──────── Material for the task ────────

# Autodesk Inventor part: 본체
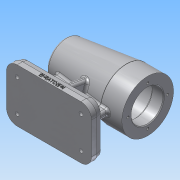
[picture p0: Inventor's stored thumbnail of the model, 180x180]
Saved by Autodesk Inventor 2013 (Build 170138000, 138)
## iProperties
Created: 2017-01
Part Number: 본체
Material: 알루미늄 6061
Document SubType Name: Modeling
Designer: Administrator
Density: 2.71 g/cm^3
Mass: 795.027 g
Surface Area: 662.225 cm^2
Volume: 293.368 cm^3
Author: Administrator
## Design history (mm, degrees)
sketch "스케치1"
  geometry: L1 (-56, 0)-(56, 0); L2 (-52.27, 24.144)-(28, 34); L3 (28, 34)-(56, 34); L4 (56, 34)-(56, 0); A1 r 80 centre (24, 0) between (-52.27, 24.144) and (-56, 0); 1 further point
  constraints: 8 end point, 2 point on circle, 1 centre point, 1 horizontal, 1 midpoint, 1 parallel, 1 perpendicular, 1 point on line
  dimensions: "d0" = 112 distance of L1.start L1.end; "d2" = 56 distance of point (0, 0) L1.start; "d3" = 28 distance of L2.end L3.end; "d4" = 7 deg angle of L3 L2; "d5" = 80 radius of A1; "d6" = 68 diameter of L3 L1
revolve "회전1" sketch "스케치1" stored, may be unused: angle "d7" = 90 deg
sketch "스케치2"
  geometry: C1 r 34 at (0, 0) reference
hole "구멍1" sketch "스케치2" at (0, 0) diameter "d8" = 42; stored, may be unused: countersink angle "d12" = 90 deg, drill point angle "d14" = 0 deg; dims "d9" = 6, "d10" = 42, "d11" = 15, "d13" = 15
sketch "스케치3"
  geometry: C1 r 21 at (0, 0) reference
hole "구멍2" sketch "스케치3" at (0, 0) diameter "d15" = 42; stored, may be unused: countersink angle "d19" = 90 deg, drill point angle "d21" = 0 deg; dims "d16" = 6, "d17" = 48, "d18" = 54, "d20" = 66
sketch "스케치4"
  geometry: C1 r 21 at (0, 0) reference
hole "구멍3" sketch "스케치4" at (0, 0) diameter "d22" = 32; stored, may be unused: countersink angle "d26" = 90 deg, drill point angle "d28" = 0 deg; dims "d23" = 6, "d24" = 35, "d25" = 18, "d27" = 22
sketch "스케치5"
  geometry: C1 r 16 at (0, 0) reference
hole "구멍4" sketch "스케치5" at (0, 0) diameter "d29" = 21; stored, may be unused: countersink angle "d33" = 90 deg, drill point angle "d35" = 0 deg; dims "d30" = 6, "d31" = 35, "d32" = 18, "d34" = 3
fillet "모깎기1" dims "d36" = 3
fillet "모깎기2" dims "d37" = 3
sketch "스케치9"
  geometry: C1 r 21 at (0, 0) reference; C2 r 24 at (0, 0) reference; 1 further point
  constraints: 1 vertical alignment
  dimensions: "d38" = 26 distance of C2.centre point (0, 26)
hole "구멍5" sketch "스케치9" at (0, 26) diameter "d39" = 3.242; stored, may be unused: countersink angle "d43" = 90 deg, drill point angle "d45" = 118 deg; dims "d40" = 8, "d41" = 35, "d42" = 18, "d44" = 11
node "작업 평면1"
sketch "스케치10"
  geometry: L1 (56, 35)-(-56, 35); L2 (-56, 35)-(-56, -35); L3 (-56, -35)-(56, -35); L4 (56, -35)-(56, 35); L5 (56, 35)-(-56, -35); L6 (-56, 35)-(56, -35); 4 further points
  constraints: 12 end point, 4 midpoint, 2 parallel, 1 horizontal, 1 horizontal alignment, 1 perpendicular, 1 vertical alignment
  dimensions: "d50" = 112 distance of L1.start L1.end; "d52" = 70 distance of L1.end L2.end
extrude "돌출1" join sketch "스케치10" distance "d53" = 7; taper "d54" = 0 deg
fillet "모깎기12" dims "d119" = 14
sketch "스케치23"
  geometry: L1 (42, 35)-(-42, 35) reference; L2 (-56, 21)-(-56, -21) reference; L3 (-42, -35)-(42, -35) reference; L4 (56, -21)-(56, 21) reference; A1 r 14 centre (42, 21) between (56, 21) and (42, 35) reference; A2 r 14 centre (-42, 21) between (-42, 35) and (-56, 21) reference; A3 r 14 centre (-42, -21) between (-56, -21) and (-42, -35) reference; A4 r 14 centre (42, -21) between (42, -35) and (56, -21) reference; 1 further point
extrude "돌출5" join sketch "스케치23" distance "d120" = 7; taper "d121" = -15 deg
sketch "스케치24"
  geometry: L1 (42, -33.124)-(-42, -33.124) reference; L2 (-38, 4)-(38, 4); L3 (38, 4)-(38, -4); L4 (38, -4)-(-38, -4); L5 (-38, -4)-(-38, 4); L6 (-56, 21)-(-56, -21) reference; L7 (56, -21)-(56, 21) reference; L8 (42, 35)-(-42, 35) reference; 2 further points
  constraints: 8 end point, 3 parallel, 1 horizontal alignment, 1 midpoint, 1 perpendicular
  dimensions: "d122" = 18 distance between parallel lines of L5 L6; "d123" = 18 distance between parallel lines of L7 L3; "d124" = 31 distance between parallel lines of L8 L2
extrude "돌출6" join sketch "스케치24" stored distance "d125" = 7; taper "d126" = 0 deg
node "작업 평면2"
sketch "스케치27" dims "d130" = 10
  geometry: L1 (-39.113, 26)-(-36.226, 21); L2 (-36.226, 21)-(-39.113, 16); L3 (-39.113, 16)-(-44.887, 16); L4 (-44.887, 16)-(-47.774, 21); L5 (-47.774, 21)-(-44.887, 26); L6 (-44.887, 26)-(-39.113, 26); L7 (-39.113, -16)-(-36.226, -21); L8 (-36.226, -21)-(-39.113, -26); L9 (-39.113, -26)-(-44.887, -26); L10 (-44.887, -26)-(-47.774, -21); L11 (-47.774, -21)-(-44.887, -16); L12 (-44.887, -16)-(-39.113, -16); L13 (44.887, 26)-(47.774, 21); L14 (47.774, 21)-(44.887, 16); L15 (44.887, 16)-(39.113, 16); L16 (39.113, 16)-(36.226, 21); L17 (36.226, 21)-(39.113, 26); L18 (39.113, 26)-(44.887, 26); L19 (44.887, -16)-(47.774, -21); L20 (47.774, -21)-(44.887, -26); L21 (44.887, -26)-(39.113, -26); L22 (39.113, -26)-(36.226, -21); L23 (36.226, -21)-(39.113, -16); L24 (39.113, -16)-(44.887, -16); A1 r 12.124 centre (42, 21) between (54.124, 21) and (42, 33.124) reference; A2 r 12.124 centre (-42, 21) between (-42, 33.124) and (-54.124, 21) reference; A3 r 12.124 centre (-42, -21) between (-54.124, -21) and (-42, -33.124) reference; A4 r 12.124 centre (42, -21) between (42, -33.124) and (54.124, -21) reference; 17 further points
  constraints: 48 end point, 11 coincident, 8 vertical alignment, 4 midpoint, 60 other
  dimensions: "d127" = 42 distance of point (-42, -21) point (-42, 21); "d129" = 84 distance of point (42, -21) point (-42, -21)
extrude "돌출7" cut sketch "스케치27" distance "d131" = 4; taper "d132" = 0 deg
sketch "스케치28"
  geometry: L1 (-44.887, 26)-(-39.113, 26) reference; 4 further points
  constraints: 1 horizontal alignment, 1 midpoint, 1 vertical alignment
hole "구멍7" sketch "스케치28" at (-42, 21) diameter "d133" = 5; stored, may be unused: countersink angle "d137" = 90 deg, drill point angle "d139" = 118 deg; dims "d134" = 8, "d135" = 35, "d136" = 18, "d138" = 11
fillet "모깎기5" dims "d106" = 3
fillet "모깎기6" dims "d107" = 0.3
fillet "모깎기10" dims "d113" = 3
sketch "스케치22"
  geometry: L1 (0, 0)-(84, 0); L2 (98, 0)-(98, 7); L3 (84, 7)-(84, 0) reference; L4 (0, 7)-(84, 7) reference; L5 (0, 0)-(0, 7) reference; L6 (0, 0)-(84, 0) reference; 2 further points
  constraints: 4 end point, 1 other
  dimensions: "d115" = 4 distance from line of L1 point (42, 4); "d116" = 56 distance from line of L2 point (42, 4)
feature "엠보싱1" sketch "스케치22" dims "d0" = 112, "d2" = 56, "d3" = 28, "d4" = 7 deg, "d5" = 80, "d6" = 68, "d117" = 0.5, "d118" = 0
sketch "스케치29"
  geometry: L1 (-60, 23)-(-37.773, 19.081); L2 (-60, -23)-(-38.09, -19.137); L3 (-60, -33.124)-(-67, -35) reference; L4 (-67, -35)-(-74, -35) reference; L5 (-74, -35)-(-74, 35) reference; L6 (-74, 35)-(-68.423, 35) reference; L7 (-68.423, 35)-(-68.423, 35.5) reference; L8 (-68.423, 35.5)-(-68.092, 35.5) reference; L9 (-68.092, 35.5)-(-68.092, 35) reference; L10 (-68.092, 35)-(-67, 35) reference; L11 (-67, 35)-(-60, 33.124) reference; L12 (-60, 33.124)-(-60, 4) reference; L13 (-60, 4)-(-30.299, 4) reference; L14 (-30.299, -4)-(-60, -4) reference; L15 (-60, -4)-(-60, -33.124) reference; C1 r 24 at (0, 0) reference; A1 r 30.562 centre (0, 0) between (-30.299, -4) and (-30.299, 4) reference; 1 further point
  constraints: 4 end point, 2 point on line
  dimensions: "d146" = 100 deg angle of L12 L1; "d147" = 100 deg angle of L15 L2; "d148" = 12 distance from line of L1.start L6; "d149" = 12 distance from line of L2.start L4
  node "절단 모서리 투영6"
feature "리브3" dims "d150" = 1, "d151" = 8, "d152" = 0, "d153" = 0, "d154" = 1, "d155" = 1
feature "리브4" dims "d156" = 1, "d157" = 8, "d158" = 0, "d159" = 0, "d160" = 1, "d161" = 1
fillet "모깎기13" dims "d162" = 3
fillet "모깎기14" dims "d163" = 3
fillet "모깎기15" dims "d164" = 3
chamfer "모따기1" distance "d165" = 1; stored, may be unused: second distance "d166" = 2, angle "d167" = 45 deg
fillet "모깎기16" dims "d168" = 1
node "솔리드1"
pattern_circular "원형 패턴1" dims angle "d47" = 360 deg
pattern_linear "직사각형 패턴2" dims "d142" = 42, "d145" = 84
other parameters: "d49" = -74

────────

- _What needs to be done_
Search the data above for the string "angle" and copy each line that has it.

- _Exercise solution_
  dimensions: "d0" = 112 distance of L1.start L1.end; "d2" = 56 distance of point (0, 0) L1.start; "d3" = 28 distance of L2.end L3.end; "d4" = 7 deg angle of L3 L2; "d5" = 80 radius of A1; "d6" = 68 diameter of L3 L1
revolve "회전1" sketch "스케치1" stored, may be unused: angle "d7" = 90 deg
hole "구멍1" sketch "스케치2" at (0, 0) diameter "d8" = 42; stored, may be unused: countersink angle "d12" = 90 deg, drill point angle "d14" = 0 deg; dims "d9" = 6, "d10" = 42, "d11" = 15, "d13" = 15
hole "구멍2" sketch "스케치3" at (0, 0) diameter "d15" = 42; stored, may be unused: countersink angle "d19" = 90 deg, drill point angle "d21" = 0 deg; dims "d16" = 6, "d17" = 48, "d18" = 54, "d20" = 66
hole "구멍3" sketch "스케치4" at (0, 0) diameter "d22" = 32; stored, may be unused: countersink angle "d26" = 90 deg, drill point angle "d28" = 0 deg; dims "d23" = 6, "d24" = 35, "d25" = 18, "d27" = 22
hole "구멍4" sketch "스케치5" at (0, 0) diameter "d29" = 21; stored, may be unused: countersink angle "d33" = 90 deg, drill point angle "d35" = 0 deg; dims "d30" = 6, "d31" = 35, "d32" = 18, "d34" = 3
hole "구멍5" sketch "스케치9" at (0, 26) diameter "d39" = 3.242; stored, may be unused: countersink angle "d43" = 90 deg, drill point angle "d45" = 118 deg; dims "d40" = 8, "d41" = 35, "d42" = 18, "d44" = 11
hole "구멍7" sketch "스케치28" at (-42, 21) diameter "d133" = 5; stored, may be unused: countersink angle "d137" = 90 deg, drill point angle "d139" = 118 deg; dims "d134" = 8, "d135" = 35, "d136" = 18, "d138" = 11
  dimensions: "d146" = 100 deg angle of L12 L1; "d147" = 100 deg angle of L15 L2; "d148" = 12 distance from line of L1.start L6; "d149" = 12 distance from line of L2.start L4
chamfer "모따기1" distance "d165" = 1; stored, may be unused: second distance "d166" = 2, angle "d167" = 45 deg
pattern_circular "원형 패턴1" dims angle "d47" = 360 deg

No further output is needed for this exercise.